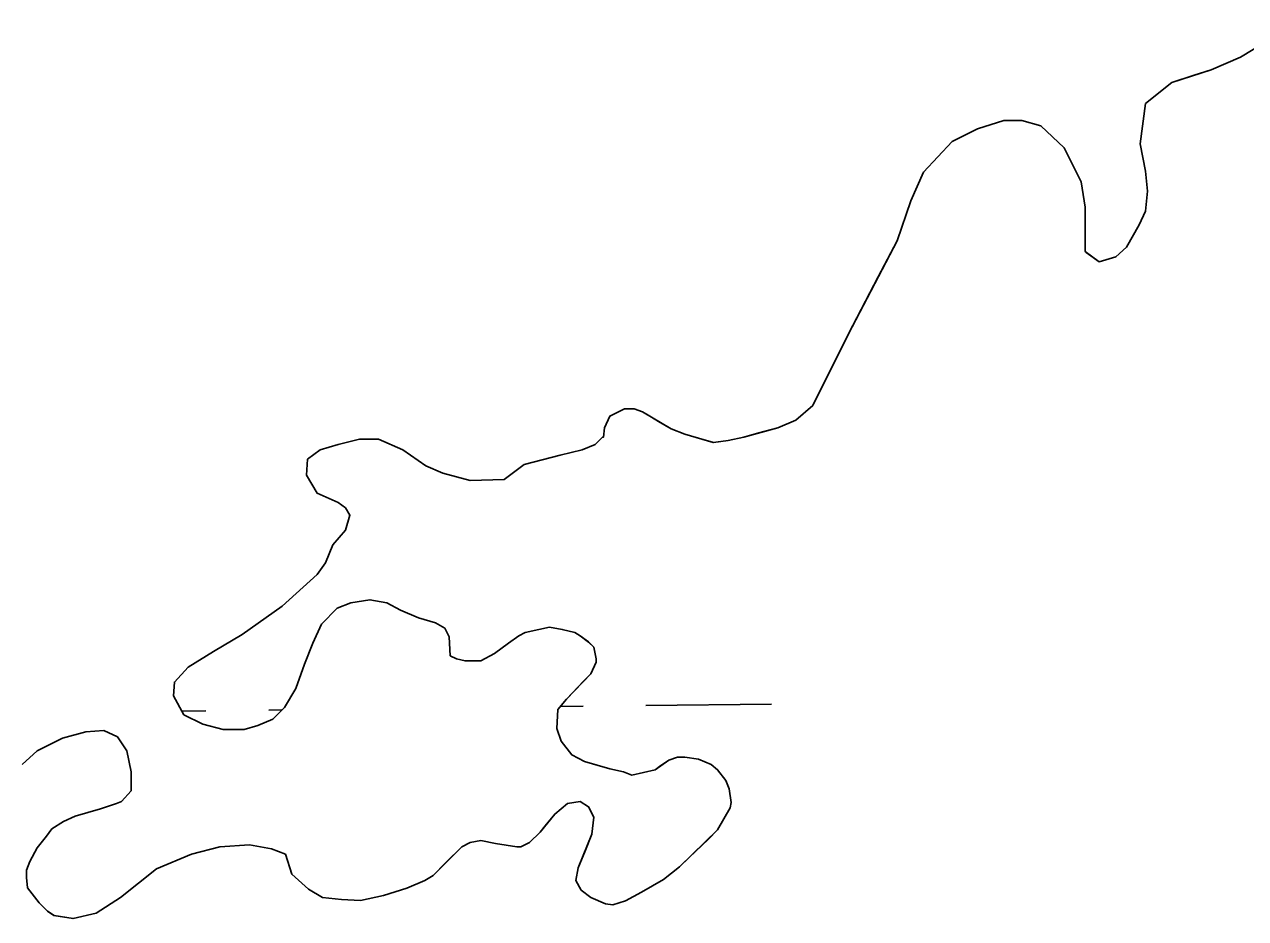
# Model space of a CAD drawing. Extents: x 3694830 to 3732949, y 415201 to 440970.
# Drawn here: x 3721836.1 to 3722146.9, y 421656.9 to 421884.6 of the extents above; entities that cross this region are included whole.
import ezdxf

# ---------------------------------------------------------------- set-up
doc = ezdxf.new("R2010")
doc.units = 0
doc.layers.add('V-TOPO-SHOR', color=7, linetype='Continuous')
doc.layers.add('V-WETL-SWMP', color=7, linetype='Continuous')

msp = doc.modelspace()

# ---------------------------------------------------------------- linework, layer by layer
at = {"layer": 'V-TOPO-SHOR'}
for points in [[(3722159.38, 421884.63), (3722145.66, 421876.3), (3722138.13, 421873.07), (3722133.83, 421871.73), (3722128.18, 421869.84), (3722121.45, 421864.47), (3722120.11, 421854.25), (3722121.45, 421847.25), (3722121.99, 421842.14), (3722121.45, 421837.03), (3722119.84, 421833.54), (3722116.61, 421827.89), (3722113.92, 421825.47), (3722109.62, 421824.12), (3722106.39, 421826.54), (3722106.12, 421826.82), (3722106.12, 421831.39), (3722106.12, 421838.11), (3722105.05, 421844.57), (3722100.74, 421853.17), (3722094.83, 421858.82), (3722089.98, 421860.17), (3722085.41, 421860.17), (3722078.69, 421858.01), (3722072.23, 421854.79), (3722064.97, 421846.99), (3722061.74, 421839.73), (3722058.25, 421829.51), (3722053.4, 421820.36), (3722045.87, 421805.84), (3722040.22, 421794.55), (3722036.73, 421787.55), (3722032.42, 421783.79), (3722027.85, 421781.91), (3722023.01, 421780.56), (3722019.24, 421779.49), (3722015.21, 421778.68), (3722011.45, 421778.14), (3722007.68, 421779.22), (3722004.18, 421780.3), (3722000.69, 421781.64), (3721997.46, 421783.52), (3721995.31, 421784.87), (3721993.42, 421785.95), (3721991.27, 421786.75), (3721988.85, 421786.75), (3721985.09, 421784.87), (3721983.74, 421781.91), (3721983.47, 421779.49), (3721983.21, 421779.49), (3721981.32, 421777.61), (3721978.09, 421776.26), (3721972.45, 421774.92), (3721963.3, 421772.5), (3721958.19, 421768.74), (3721949.58, 421768.47), (3721942.59, 421770.35), (3721938.29, 421772.23), (3721932.37, 421776.27), (3721926.19, 421778.96), (3721921.35, 421778.96), (3721915.97, 421777.62), (3721911.39, 421776.27), (3721908.17, 421773.85), (3721907.9, 421769.82), (3721910.58, 421765.24), (3721915.96, 421762.82), (3721917.85, 421761.48), (3721918.92, 421759.6), (3721917.85, 421755.83), (3721914.62, 421752.07), (3721912.73, 421747.49), (3721910.58, 421744.53)], [(3721910.58, 421744.53), (3721901.71, 421736.47), (3721891.48, 421729.21), (3721884.23, 421724.9), (3721877.77, 421720.87), (3721874.27, 421717.11), (3721874, 421713.61), (3721876.69, 421708.77), (3721881.53, 421706.35), (3721886.64, 421705), (3721892.02, 421705), (3721895.52, 421706.08), (3721899.28, 421707.69), (3721902.24, 421710.65), (3721905.2, 421715.49), (3721907.35, 421721.67), (3721909.5, 421727.05), (3721911.66, 421731.89), (3721915.69, 421735.93), (3721919.19, 421737.27), (3721924.03, 421738.08), (3721928.33, 421737.27), (3721931.83, 421735.39), (3721936.4, 421733.51), (3721940.71, 421732.16), (3721943.12, 421730.82), (3721944.2, 421728.66), (3721944.47, 421723.82), (3721946.08, 421723.01), (3721948.23, 421722.48), (3721952.27, 421722.48), (3721955.77, 421724.36), (3721959.26, 421727.05), (3721961.95, 421728.93), (3721963.56, 421729.74), (3721967.06, 421730.54), (3721969.75, 421731.08), (3721972.98, 421730.54), (3721976.21, 421729.74), (3721977.55, 421728.93), (3721979.7, 421727.32), (3721981.05, 421725.97), (3721981.58, 421723.01), (3721981.58, 421722.2), (3721980.24, 421719.25), (3721978.35, 421717.36), (3721974.05, 421712.79), (3721971.9, 421710.1), (3721971.63, 421705.26), (3721972.71, 421702.03), (3721975.4, 421698.54), (3721978.62, 421696.92), (3721982.12, 421695.85), (3721985.08, 421695.04), (3721988.58, 421694.23), (3721990.73, 421693.42), (3721996.64, 421694.77), (3721997.72, 421695.58), (3722000.14, 421697.19), (3722002.29, 421698), (3722004.17, 421698), (3722007.67, 421697.46), (3722010.9, 421696.11), (3722012.51, 421694.77), (3722014.66, 421692.08), (3722015.47, 421689.93), (3722016.01, 421686.43), (3722015.74, 421685.09), (3722012.51, 421679.44), (3722010.09, 421677.02), (3722005.25, 421672.45), (3722002.83, 421670.02), (3721998.79, 421666.8), (3721993.14, 421663.57), (3721989.11, 421661.42), (3721985.88, 421660.35), (3721984, 421660.61), (3721980.23, 421662.23), (3721977.81, 421664.11), (3721976.47, 421666.53), (3721977.01, 421669.76), (3721978.89, 421674.33), (3721980.5, 421678.37), (3721981.04, 421682.67), (3721979.7, 421685.36), (3721977.55, 421686.7), (3721974.32, 421686.16), (3721971.09, 421683.48), (3721968.67, 421680.52), (3721967.33, 421678.9), (3721964.64, 421676.22), (3721962.48, 421675.14), (3721961.41, 421675.14), (3721956.03, 421675.95), (3721952.26, 421676.75), (3721949.58, 421676.22), (3721947.42, 421675.14), (3721943.39, 421671.11), (3721940.16, 421667.88), (3721938.01, 421666.54), (3721933.44, 421664.65)], [(3721933.44, 421664.65), (3721927.52, 421662.77), (3721921.6, 421661.43), (3721916.76, 421661.7), (3721911.92, 421662.24), (3721908.42, 421664.39), (3721904.12, 421668.15), (3721902.51, 421673.26), (3721899.01, 421674.61), (3721893.36, 421675.68), (3721885.83, 421675.15), (3721878.57, 421673.27), (3721869.69, 421669.5), (3721860.55, 421662.24), (3721854.36, 421658.21), (3721848.45, 421656.86), (3721843.6, 421657.67), (3721841.99, 421658.75), (3721839.84, 421660.9), (3721836.88, 421664.66), (3721836.61, 421667.35), (3721836.61, 421669.24), (3721837.42, 421671.39), (3721839.3, 421674.88), (3721841.73, 421677.84), (3721843.07, 421679.72), (3721846.03, 421681.61), (3721848.99, 421682.95), (3721855.44, 421684.83), (3721859.48, 421686.18), (3721860.82, 421686.72), (3721863.24, 421689.4), (3721863.24, 421689.94), (3721863.24, 421694.25), (3721862.17, 421699.63), (3721859.75, 421703.12), (3721856.25, 421704.74), (3721851.68, 421704.47), (3721845.76, 421702.85), (3721839.31, 421699.63), (3721835.54, 421696.13)]]:
    msp.add_lwpolyline(points, dxfattribs=at)
at = {"layer": 'V-WETL-SWMP'}
for p, q in [((3722145.66, 421876.3), (3722159.38, 421884.63)), ((3722138.13, 421873.07), (3722145.66, 421876.3)), ((3722128.18, 421869.84), (3722138.13, 421873.07)), ((3722121.45, 421864.47), (3722128.18, 421869.84)), ((3722120.11, 421854.25), (3722121.45, 421864.47)), ((3722072.24, 421854.79), (3722078.69, 421858.02)), ((3722078.69, 421858.02), (3722085.41, 421860.17)), ((3722085.41, 421860.17), (3722089.99, 421860.17)), ((3722089.99, 421860.17), (3722094.83, 421858.82)), ((3722094.83, 421858.82), (3722100.74, 421853.17)), ((3722064.97, 421846.99), (3722072.24, 421854.79)), ((3722121.45, 421847.25), (3722120.11, 421854.25)), ((3722100.74, 421853.17), (3722105.05, 421844.57)), ((3722061.74, 421839.73), (3722064.97, 421846.99)), ((3722121.99, 421842.14), (3722121.45, 421847.25)), ((3722105.05, 421844.57), (3722106.12, 421838.11)), ((3722121.45, 421837.03), (3722121.99, 421842.14)), ((3722058.25, 421829.51), (3722061.74, 421839.73)), ((3722106.12, 421838.11), (3722106.12, 421826.81)), ((3722119.84, 421833.54), (3722121.45, 421837.03)), ((3722116.61, 421827.89), (3722119.84, 421833.54)), ((3722045.87, 421805.84), (3722058.25, 421829.51)), ((3722106.12, 421826.81), (3722109.62, 421824.12)), ((3722113.92, 421825.47), (3722116.61, 421827.89)), ((3722109.62, 421824.12), (3722113.92, 421825.47)), ((3722036.73, 421787.55), (3722045.87, 421805.84)), ((3721985.09, 421784.87), (3721988.85, 421786.75)), ((3721988.85, 421786.75), (3721991.27, 421786.75)), ((3721991.27, 421786.75), (3721993.43, 421785.95)), ((3721993.43, 421785.95), (3722000.69, 421781.64)), ((3722032.42, 421783.79), (3722036.73, 421787.55)), ((3721983.74, 421781.91), (3721985.09, 421784.87)), ((3722027.85, 421781.91), (3722032.42, 421783.79)), ((3721981.32, 421777.61), (3721983.2, 421779.49)), ((3721983.2, 421779.49), (3721983.47, 421779.49)), ((3721983.47, 421779.49), (3721983.74, 421781.91)), ((3722000.69, 421781.64), (3722004.18, 421780.3)), ((3722004.18, 421780.3), (3722011.44, 421778.14)), ((3722015.21, 421778.68), (3722019.24, 421779.49)), ((3722019.24, 421779.49), (3722027.85, 421781.91)), ((3721908.17, 421773.85), (3721911.39, 421776.27)), ((3721911.39, 421776.27), (3721915.97, 421777.62)), ((3721915.97, 421777.62), (3721921.35, 421778.96)), ((3721921.35, 421778.96), (3721926.19, 421778.96)), ((3721926.19, 421778.96), (3721932.37, 421776.27)), ((3721932.37, 421776.27), (3721938.29, 421772.23)), ((3721972.45, 421774.92), (3721978.09, 421776.26)), ((3721978.09, 421776.26), (3721981.32, 421777.61)), ((3722011.44, 421778.14), (3722015.21, 421778.68)), ((3721907.9, 421769.82), (3721908.17, 421773.85)), ((3721963.3, 421772.5), (3721972.45, 421774.92)), ((3721938.29, 421772.23), (3721942.59, 421770.35)), ((3721942.59, 421770.35), (3721949.58, 421768.47)), ((3721958.19, 421768.74), (3721963.3, 421772.5)), ((3721910.59, 421765.24), (3721907.9, 421769.82)), ((3721949.58, 421768.47), (3721958.19, 421768.74)), ((3721915.96, 421762.82), (3721910.59, 421765.24)), ((3721917.85, 421761.48), (3721915.96, 421762.82)), ((3721918.92, 421759.6), (3721917.85, 421761.48)), ((3721917.85, 421755.83), (3721918.92, 421759.6)), ((3721914.62, 421752.07), (3721917.85, 421755.83)), ((3721912.74, 421747.49), (3721914.62, 421752.07)), ((3721910.58, 421744.54), (3721912.74, 421747.49)), ((3721901.71, 421736.47), (3721910.58, 421744.54)), ((3721891.49, 421729.21), (3721901.71, 421736.47)), ((3721915.69, 421735.93), (3721911.66, 421731.89)), ((3721919.19, 421737.27), (3721915.69, 421735.93)), ((3721924.03, 421738.08), (3721919.19, 421737.27)), ((3721928.33, 421737.27), (3721924.03, 421738.08)), ((3721931.83, 421735.39), (3721928.33, 421737.27)), ((3721936.4, 421733.51), (3721931.83, 421735.39)), ((3721940.7, 421732.16), (3721936.4, 421733.51)), ((3721911.66, 421731.89), (3721909.51, 421727.05)), ((3721943.13, 421730.82), (3721940.7, 421732.16)), ((3721944.2, 421728.66), (3721943.13, 421730.82)), ((3721963.57, 421729.74), (3721961.95, 421728.93)), ((3721969.75, 421731.08), (3721963.57, 421729.74)), ((3721972.98, 421730.54), (3721969.75, 421731.08)), ((3721976.21, 421729.74), (3721972.98, 421730.54)), ((3721977.55, 421728.93), (3721976.21, 421729.74)), ((3721884.22, 421724.9), (3721891.49, 421729.21)), ((3721909.51, 421727.05), (3721907.35, 421721.67)), ((3721944.47, 421723.82), (3721944.2, 421728.66)), ((3721959.26, 421727.05), (3721955.77, 421724.36)), ((3721961.95, 421728.93), (3721959.26, 421727.05)), ((3721979.7, 421727.31), (3721977.55, 421728.93)), ((3721981.05, 421725.97), (3721979.7, 421727.31)), ((3721877.77, 421720.87), (3721884.22, 421724.9)), ((3721946.08, 421723.02), (3721944.47, 421723.82)), ((3721955.77, 421724.36), (3721952.27, 421722.48)), ((3721981.58, 421723.01), (3721981.05, 421725.97)), ((3721874.27, 421717.11), (3721877.77, 421720.87)), ((3721907.35, 421721.67), (3721905.2, 421715.49)), ((3721948.23, 421722.48), (3721946.08, 421723.02)), ((3721952.27, 421722.48), (3721948.23, 421722.48)), ((3721980.24, 421719.25), (3721981.58, 421722.2)), ((3721981.58, 421722.2), (3721981.58, 421723.01)), ((3721974.05, 421712.79), (3721980.24, 421719.25)), ((3721874, 421713.61), (3721874.27, 421717.11)), ((3721905.2, 421715.49), (3721902.24, 421710.65)), ((3721876.69, 421708.77), (3721874, 421713.61)), ((3721971.9, 421710.1), (3721974.05, 421712.79)), ((3721994.28, 421711.13), (3722026.28, 421711.51)), ((3721876.16, 421709.72), (3721882.29, 421709.79)), ((3721881.53, 421706.35), (3721876.69, 421708.77)), ((3721898.29, 421709.99), (3721901.62, 421710.03)), ((3721902.24, 421710.65), (3721899.28, 421707.69)), ((3721971.63, 421705.26), (3721971.9, 421710.1)), ((3721972.52, 421710.87), (3721978.28, 421710.94)), ((3721886.64, 421705), (3721881.53, 421706.35)), ((3721892.02, 421705), (3721886.64, 421705)), ((3721895.52, 421706.08), (3721892.02, 421705)), ((3721899.28, 421707.69), (3721895.52, 421706.08)), ((3721972.71, 421702.03), (3721971.63, 421705.26)), ((3721839.31, 421699.63), (3721845.76, 421702.85)), ((3721845.76, 421702.85), (3721851.68, 421704.47)), ((3721851.68, 421704.47), (3721856.25, 421704.74)), ((3721856.25, 421704.74), (3721859.75, 421703.12)), ((3721859.75, 421703.12), (3721862.17, 421699.63)), ((3721975.4, 421698.54), (3721972.71, 421702.03)), ((3721835.54, 421696.13), (3721839.31, 421699.63)), ((3721862.17, 421699.63), (3721863.24, 421694.25)), ((3721978.62, 421696.92), (3721975.4, 421698.54)), ((3721985.08, 421695.04), (3721978.62, 421696.92)), ((3722000.14, 421697.19), (3721996.64, 421694.77)), ((3722002.29, 421698), (3722000.14, 421697.19)), ((3722004.17, 421698), (3722002.29, 421698)), ((3722007.67, 421697.46), (3722004.17, 421698)), ((3722010.9, 421696.11), (3722007.67, 421697.46)), ((3722012.51, 421694.77), (3722010.9, 421696.11)), ((3721863.24, 421694.25), (3721863.24, 421689.4)), ((3721988.57, 421694.23), (3721985.08, 421695.04)), ((3721990.73, 421693.42), (3721988.57, 421694.23)), ((3721996.64, 421694.77), (3721990.73, 421693.42)), ((3722014.66, 421692.08), (3722012.51, 421694.77)), ((3721863.24, 421689.4), (3721860.82, 421686.72)), ((3722015.47, 421689.93), (3722014.66, 421692.08)), ((3722016.01, 421686.43), (3722015.47, 421689.93)), ((3721859.48, 421686.18), (3721855.44, 421684.83)), ((3721860.82, 421686.72), (3721859.48, 421686.18)), ((3721971.09, 421683.48), (3721974.32, 421686.17)), ((3721974.32, 421686.17), (3721977.55, 421686.7)), ((3721977.55, 421686.7), (3721979.7, 421685.36)), ((3722015.74, 421685.09), (3722016.01, 421686.43)), ((3721855.44, 421684.83), (3721848.99, 421682.95)), ((3721967.33, 421678.9), (3721971.09, 421683.48)), ((3721979.7, 421685.36), (3721981.04, 421682.67)), ((3722012.51, 421679.44), (3722015.74, 421685.09)), ((3721846.03, 421681.61), (3721843.07, 421679.72)), ((3721848.99, 421682.95), (3721846.03, 421681.61)), ((3721981.04, 421682.67), (3721980.5, 421678.37)), ((3721841.72, 421677.84), (3721839.3, 421674.88)), ((3721843.07, 421679.72), (3721841.72, 421677.84)), ((3721964.64, 421676.22), (3721967.33, 421678.9)), ((3721980.5, 421678.37), (3721977.01, 421669.76)), ((3722002.83, 421670.03), (3722012.51, 421679.44)), ((3721839.3, 421674.88), (3721837.42, 421671.39)), ((3721878.57, 421673.27), (3721885.83, 421675.15)), ((3721885.83, 421675.15), (3721893.36, 421675.68)), ((3721893.36, 421675.68), (3721899.01, 421674.61)), ((3721899.01, 421674.61), (3721902.51, 421673.26)), ((3721940.16, 421667.88), (3721947.42, 421675.14)), ((3721947.42, 421675.14), (3721949.57, 421676.22)), ((3721949.57, 421676.22), (3721952.26, 421676.75)), ((3721952.26, 421676.75), (3721956.03, 421675.95)), ((3721956.03, 421675.95), (3721961.41, 421675.14)), ((3721961.41, 421675.14), (3721962.48, 421675.14)), ((3721962.48, 421675.14), (3721964.64, 421676.22)), ((3721837.42, 421671.39), (3721836.61, 421669.24)), ((3721869.69, 421669.5), (3721878.57, 421673.27)), ((3721902.51, 421673.26), (3721904.12, 421668.15)), ((3721836.61, 421669.24), (3721836.61, 421667.35)), ((3721860.55, 421662.24), (3721869.69, 421669.5)), ((3721904.12, 421668.15), (3721908.42, 421664.39)), ((3721938.01, 421666.54), (3721940.16, 421667.88)), ((3721977.01, 421669.76), (3721976.47, 421666.53)), ((3721998.79, 421666.8), (3722002.83, 421670.03)), ((3721836.61, 421667.35), (3721836.88, 421664.66)), ((3721836.88, 421664.66), (3721839.84, 421660.9)), ((3721908.42, 421664.39), (3721911.92, 421662.24)), ((3721927.52, 421662.77), (3721933.44, 421664.65)), ((3721933.44, 421664.65), (3721938.01, 421666.54)), ((3721976.47, 421666.53), (3721977.81, 421664.11)), ((3721993.14, 421663.57), (3721998.79, 421666.8)), ((3721854.36, 421658.21), (3721860.55, 421662.24)), ((3721911.92, 421662.24), (3721916.76, 421661.7)), ((3721916.76, 421661.7), (3721921.6, 421661.43)), ((3721921.6, 421661.43), (3721927.52, 421662.77)), ((3721977.81, 421664.11), (3721980.23, 421662.23)), ((3721980.23, 421662.23), (3721984, 421660.61)), ((3721985.88, 421660.35), (3721989.11, 421661.42)), ((3721989.11, 421661.42), (3721993.14, 421663.57)), ((3721839.84, 421660.9), (3721841.99, 421658.75)), ((3721841.99, 421658.75), (3721843.61, 421657.67)), ((3721848.45, 421656.86), (3721854.36, 421658.21)), ((3721984, 421660.61), (3721985.88, 421660.35)), ((3721843.61, 421657.67), (3721848.45, 421656.86))]:
    msp.add_line(p, q, dxfattribs=at)

doc.saveas('drawing.dxf')

============================================================

**TASK STATEMENT**
Lines with the word "linetype": how many are there in the material? Answer with the number alone.

**WRITTEN ANSWER**
2